> **WORK TASK**
Please transcribe exactly, and only, the lines of the data below between the line holding "geometry: C1 r 17.5 at (0, 0)" and the line holding "150 diameter of C1", inclusive.

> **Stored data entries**
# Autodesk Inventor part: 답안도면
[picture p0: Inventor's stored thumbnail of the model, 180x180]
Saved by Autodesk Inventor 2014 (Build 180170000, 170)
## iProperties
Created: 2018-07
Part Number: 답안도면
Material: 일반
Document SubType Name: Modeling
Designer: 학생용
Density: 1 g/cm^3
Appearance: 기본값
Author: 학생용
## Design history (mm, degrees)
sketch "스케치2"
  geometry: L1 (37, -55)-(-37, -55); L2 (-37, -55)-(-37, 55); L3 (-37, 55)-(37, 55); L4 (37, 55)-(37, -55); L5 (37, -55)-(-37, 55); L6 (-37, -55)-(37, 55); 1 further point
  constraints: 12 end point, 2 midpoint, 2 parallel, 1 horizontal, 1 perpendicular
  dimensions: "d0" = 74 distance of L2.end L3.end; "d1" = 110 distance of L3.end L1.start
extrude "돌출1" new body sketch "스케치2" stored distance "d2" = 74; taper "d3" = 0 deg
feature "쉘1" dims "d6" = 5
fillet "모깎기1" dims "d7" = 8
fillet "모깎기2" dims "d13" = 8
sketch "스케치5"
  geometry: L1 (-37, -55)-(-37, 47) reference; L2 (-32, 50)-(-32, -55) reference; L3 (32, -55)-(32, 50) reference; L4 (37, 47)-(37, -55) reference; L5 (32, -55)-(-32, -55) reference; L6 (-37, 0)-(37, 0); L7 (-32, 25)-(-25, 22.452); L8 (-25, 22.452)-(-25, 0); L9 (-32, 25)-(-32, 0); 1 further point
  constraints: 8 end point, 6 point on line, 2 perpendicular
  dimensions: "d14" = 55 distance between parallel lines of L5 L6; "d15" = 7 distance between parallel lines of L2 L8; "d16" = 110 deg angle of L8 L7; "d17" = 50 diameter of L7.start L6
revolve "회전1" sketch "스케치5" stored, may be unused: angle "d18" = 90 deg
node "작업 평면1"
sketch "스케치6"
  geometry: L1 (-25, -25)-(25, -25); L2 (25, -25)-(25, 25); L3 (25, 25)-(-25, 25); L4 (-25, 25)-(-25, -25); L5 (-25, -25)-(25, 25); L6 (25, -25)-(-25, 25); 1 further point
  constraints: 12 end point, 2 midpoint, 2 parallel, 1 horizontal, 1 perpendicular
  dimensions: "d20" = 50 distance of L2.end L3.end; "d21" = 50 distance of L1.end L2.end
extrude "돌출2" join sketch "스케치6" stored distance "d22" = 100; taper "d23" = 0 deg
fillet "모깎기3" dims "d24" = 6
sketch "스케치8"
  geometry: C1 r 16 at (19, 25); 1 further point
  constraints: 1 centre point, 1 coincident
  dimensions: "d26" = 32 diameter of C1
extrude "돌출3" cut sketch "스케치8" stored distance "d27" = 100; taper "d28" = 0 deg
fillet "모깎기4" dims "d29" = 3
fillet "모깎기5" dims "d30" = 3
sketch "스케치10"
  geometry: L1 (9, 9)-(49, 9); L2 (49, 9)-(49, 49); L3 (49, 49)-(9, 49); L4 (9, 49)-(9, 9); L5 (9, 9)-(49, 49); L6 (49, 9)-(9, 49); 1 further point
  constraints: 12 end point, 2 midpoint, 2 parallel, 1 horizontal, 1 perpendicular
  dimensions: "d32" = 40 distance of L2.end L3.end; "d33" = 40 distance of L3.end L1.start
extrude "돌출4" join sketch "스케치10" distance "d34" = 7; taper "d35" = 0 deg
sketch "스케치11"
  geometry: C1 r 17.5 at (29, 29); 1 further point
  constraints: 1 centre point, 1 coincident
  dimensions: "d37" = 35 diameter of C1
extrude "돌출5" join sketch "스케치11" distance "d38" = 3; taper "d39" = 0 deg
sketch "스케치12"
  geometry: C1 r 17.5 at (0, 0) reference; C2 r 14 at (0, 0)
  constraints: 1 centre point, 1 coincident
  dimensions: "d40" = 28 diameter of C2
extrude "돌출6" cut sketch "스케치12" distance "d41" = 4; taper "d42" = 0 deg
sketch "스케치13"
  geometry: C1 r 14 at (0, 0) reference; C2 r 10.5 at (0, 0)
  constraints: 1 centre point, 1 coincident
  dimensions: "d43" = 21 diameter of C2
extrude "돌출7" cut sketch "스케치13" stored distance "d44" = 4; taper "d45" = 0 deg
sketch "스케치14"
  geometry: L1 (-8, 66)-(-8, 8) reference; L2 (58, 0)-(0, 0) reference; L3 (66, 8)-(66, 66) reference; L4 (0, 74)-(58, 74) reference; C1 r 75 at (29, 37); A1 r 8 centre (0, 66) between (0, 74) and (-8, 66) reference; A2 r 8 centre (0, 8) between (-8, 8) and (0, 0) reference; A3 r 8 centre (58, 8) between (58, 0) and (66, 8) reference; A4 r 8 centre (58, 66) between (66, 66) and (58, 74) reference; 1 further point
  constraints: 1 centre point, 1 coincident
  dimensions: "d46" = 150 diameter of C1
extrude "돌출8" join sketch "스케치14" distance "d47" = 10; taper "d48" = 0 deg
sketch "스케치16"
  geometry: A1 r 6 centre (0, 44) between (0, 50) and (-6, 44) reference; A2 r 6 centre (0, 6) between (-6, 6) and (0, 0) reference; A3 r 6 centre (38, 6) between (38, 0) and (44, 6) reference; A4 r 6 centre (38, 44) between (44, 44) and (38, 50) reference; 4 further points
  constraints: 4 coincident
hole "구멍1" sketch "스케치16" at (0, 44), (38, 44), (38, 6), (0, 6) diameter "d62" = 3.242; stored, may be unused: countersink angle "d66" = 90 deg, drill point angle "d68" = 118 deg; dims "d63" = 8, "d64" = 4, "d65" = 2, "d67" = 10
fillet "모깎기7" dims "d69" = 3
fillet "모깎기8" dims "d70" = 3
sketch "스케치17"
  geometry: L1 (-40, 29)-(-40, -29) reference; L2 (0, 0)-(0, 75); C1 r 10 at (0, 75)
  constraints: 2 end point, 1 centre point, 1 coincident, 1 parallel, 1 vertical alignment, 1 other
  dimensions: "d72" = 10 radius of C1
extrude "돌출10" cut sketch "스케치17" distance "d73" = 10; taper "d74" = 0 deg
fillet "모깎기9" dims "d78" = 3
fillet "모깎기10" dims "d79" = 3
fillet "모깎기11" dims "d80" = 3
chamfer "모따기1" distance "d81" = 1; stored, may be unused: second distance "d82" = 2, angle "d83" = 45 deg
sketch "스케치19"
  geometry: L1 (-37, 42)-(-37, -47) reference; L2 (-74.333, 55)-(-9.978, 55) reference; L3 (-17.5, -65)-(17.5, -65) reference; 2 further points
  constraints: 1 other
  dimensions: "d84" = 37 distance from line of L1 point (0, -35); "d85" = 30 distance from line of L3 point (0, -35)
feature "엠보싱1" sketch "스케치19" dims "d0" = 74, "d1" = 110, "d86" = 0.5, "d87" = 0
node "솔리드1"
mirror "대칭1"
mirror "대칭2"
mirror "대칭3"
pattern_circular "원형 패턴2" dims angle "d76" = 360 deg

> **YOUR SOLUTION**
  geometry: C1 r 17.5 at (0, 0) reference; C2 r 14 at (0, 0)
  constraints: 1 centre point, 1 coincident
  dimensions: "d40" = 28 diameter of C2
extrude "돌출6" cut sketch "스케치12" distance "d41" = 4; taper "d42" = 0 deg
sketch "스케치13"
  geometry: C1 r 14 at (0, 0) reference; C2 r 10.5 at (0, 0)
  constraints: 1 centre point, 1 coincident
  dimensions: "d43" = 21 diameter of C2
extrude "돌출7" cut sketch "스케치13" stored distance "d44" = 4; taper "d45" = 0 deg
sketch "스케치14"
  geometry: L1 (-8, 66)-(-8, 8) reference; L2 (58, 0)-(0, 0) reference; L3 (66, 8)-(66, 66) reference; L4 (0, 74)-(58, 74) reference; C1 r 75 at (29, 37); A1 r 8 centre (0, 66) between (0, 74) and (-8, 66) reference; A2 r 8 centre (0, 8) between (-8, 8) and (0, 0) reference; A3 r 8 centre (58, 8) between (58, 0) and (66, 8) reference; A4 r 8 centre (58, 66) between (66, 66) and (58, 74) reference; 1 further point
  constraints: 1 centre point, 1 coincident
  dimensions: "d46" = 150 diameter of C1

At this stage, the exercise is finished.